#### Data items
= Beginning of Section =

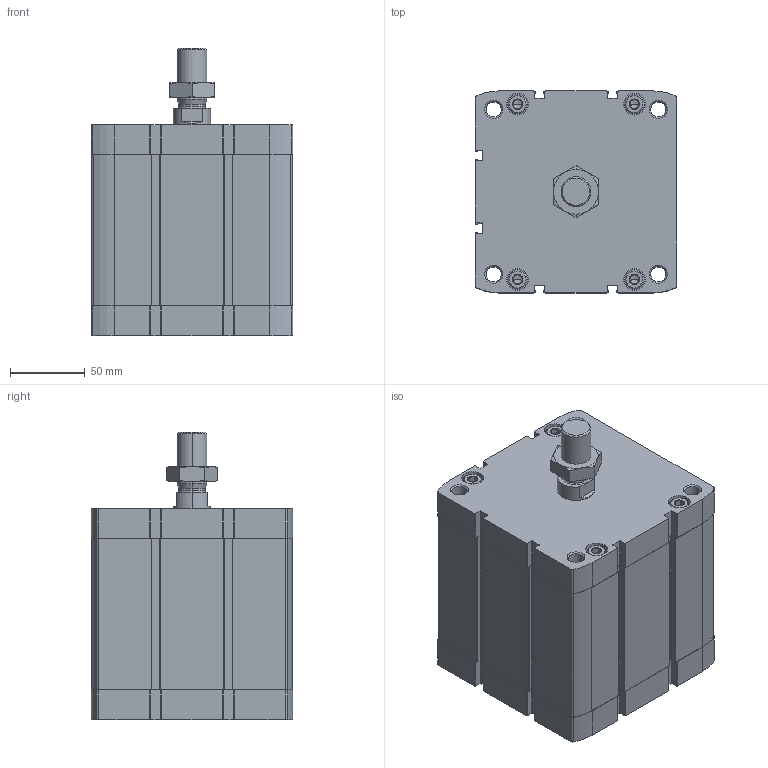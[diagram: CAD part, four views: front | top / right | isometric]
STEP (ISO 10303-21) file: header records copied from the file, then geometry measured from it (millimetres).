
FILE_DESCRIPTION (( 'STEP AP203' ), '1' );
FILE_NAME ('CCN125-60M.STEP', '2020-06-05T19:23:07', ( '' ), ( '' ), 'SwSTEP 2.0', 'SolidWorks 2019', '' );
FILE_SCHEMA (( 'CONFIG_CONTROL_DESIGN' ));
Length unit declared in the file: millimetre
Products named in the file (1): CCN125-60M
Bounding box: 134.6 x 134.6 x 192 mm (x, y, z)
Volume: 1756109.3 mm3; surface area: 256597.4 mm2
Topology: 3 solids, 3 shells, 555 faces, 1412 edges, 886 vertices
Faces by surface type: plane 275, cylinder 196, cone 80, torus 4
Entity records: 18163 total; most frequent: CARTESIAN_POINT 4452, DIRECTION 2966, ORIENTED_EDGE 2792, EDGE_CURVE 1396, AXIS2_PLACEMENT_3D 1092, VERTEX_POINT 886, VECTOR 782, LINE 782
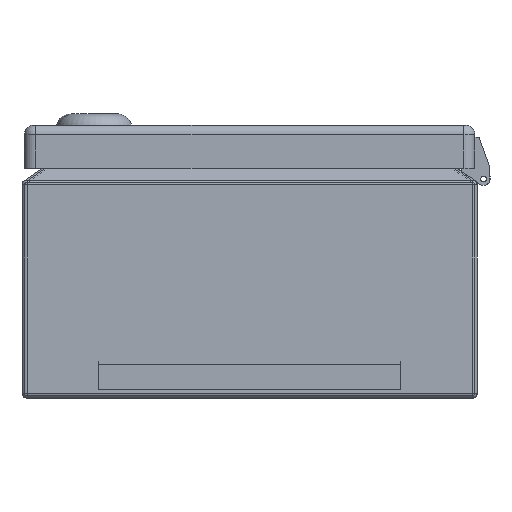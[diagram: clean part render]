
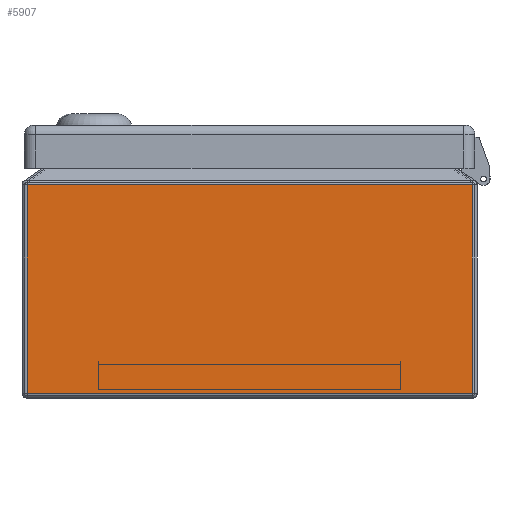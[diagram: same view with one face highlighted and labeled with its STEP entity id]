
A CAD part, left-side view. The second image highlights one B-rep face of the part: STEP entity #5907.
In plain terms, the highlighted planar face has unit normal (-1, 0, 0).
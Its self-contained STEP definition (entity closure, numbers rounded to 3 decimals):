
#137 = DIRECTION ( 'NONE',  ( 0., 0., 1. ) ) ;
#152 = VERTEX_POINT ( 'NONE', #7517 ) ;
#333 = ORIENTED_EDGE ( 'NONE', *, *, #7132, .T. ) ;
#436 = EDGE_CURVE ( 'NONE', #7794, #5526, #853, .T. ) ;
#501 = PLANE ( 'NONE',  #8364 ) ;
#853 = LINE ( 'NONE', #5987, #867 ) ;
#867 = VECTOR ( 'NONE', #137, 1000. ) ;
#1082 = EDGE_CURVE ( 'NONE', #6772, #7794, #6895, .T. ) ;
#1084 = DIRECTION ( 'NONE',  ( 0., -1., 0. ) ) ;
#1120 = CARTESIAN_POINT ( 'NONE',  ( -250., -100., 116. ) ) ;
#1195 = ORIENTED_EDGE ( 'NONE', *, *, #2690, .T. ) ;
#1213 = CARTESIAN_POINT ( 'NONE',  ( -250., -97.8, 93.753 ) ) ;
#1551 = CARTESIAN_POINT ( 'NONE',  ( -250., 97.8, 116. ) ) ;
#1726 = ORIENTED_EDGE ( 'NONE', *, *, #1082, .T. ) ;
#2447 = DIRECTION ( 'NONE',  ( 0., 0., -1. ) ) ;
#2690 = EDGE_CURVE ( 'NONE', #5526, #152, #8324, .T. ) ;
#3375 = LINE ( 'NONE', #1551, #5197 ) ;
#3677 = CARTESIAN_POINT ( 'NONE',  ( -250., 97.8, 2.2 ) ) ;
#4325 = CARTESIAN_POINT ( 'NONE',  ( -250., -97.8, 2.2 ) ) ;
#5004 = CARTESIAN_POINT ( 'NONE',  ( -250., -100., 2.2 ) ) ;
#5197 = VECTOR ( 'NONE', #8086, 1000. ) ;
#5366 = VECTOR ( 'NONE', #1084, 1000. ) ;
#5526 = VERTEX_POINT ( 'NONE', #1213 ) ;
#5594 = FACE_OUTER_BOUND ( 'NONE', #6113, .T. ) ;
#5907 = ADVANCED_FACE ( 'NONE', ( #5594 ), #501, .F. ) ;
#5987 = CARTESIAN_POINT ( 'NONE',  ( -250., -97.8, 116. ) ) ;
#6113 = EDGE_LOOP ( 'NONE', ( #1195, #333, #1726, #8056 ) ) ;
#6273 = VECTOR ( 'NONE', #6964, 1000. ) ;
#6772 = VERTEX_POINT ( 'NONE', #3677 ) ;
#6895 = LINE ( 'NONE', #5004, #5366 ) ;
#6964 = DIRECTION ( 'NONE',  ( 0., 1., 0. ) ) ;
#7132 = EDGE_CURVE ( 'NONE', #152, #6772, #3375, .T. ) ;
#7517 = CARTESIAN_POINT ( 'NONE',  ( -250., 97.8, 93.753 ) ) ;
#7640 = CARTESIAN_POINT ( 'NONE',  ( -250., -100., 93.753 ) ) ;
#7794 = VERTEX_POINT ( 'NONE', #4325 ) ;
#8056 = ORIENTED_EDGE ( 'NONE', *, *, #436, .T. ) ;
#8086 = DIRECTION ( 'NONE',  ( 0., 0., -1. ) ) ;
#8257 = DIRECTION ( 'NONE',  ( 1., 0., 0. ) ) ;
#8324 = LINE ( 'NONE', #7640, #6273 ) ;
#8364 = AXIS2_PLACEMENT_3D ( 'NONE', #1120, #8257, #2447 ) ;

= End of Section =

#### Work instructions
Beginning at the line with "Products named in the file (1): CCN125-60M" and stopping after the line with "Topology: 3 solids, 3", please write out every line of the data above exactly and nothing else.

#### Response area
Products named in the file (1): CCN125-60M
Bounding box: 134.6 x 134.6 x 192 mm (x, y, z)
Volume: 1756109.3 mm3; surface area: 256597.4 mm2
Topology: 3 solids, 3 shells, 555 faces, 1412 edges, 886 vertices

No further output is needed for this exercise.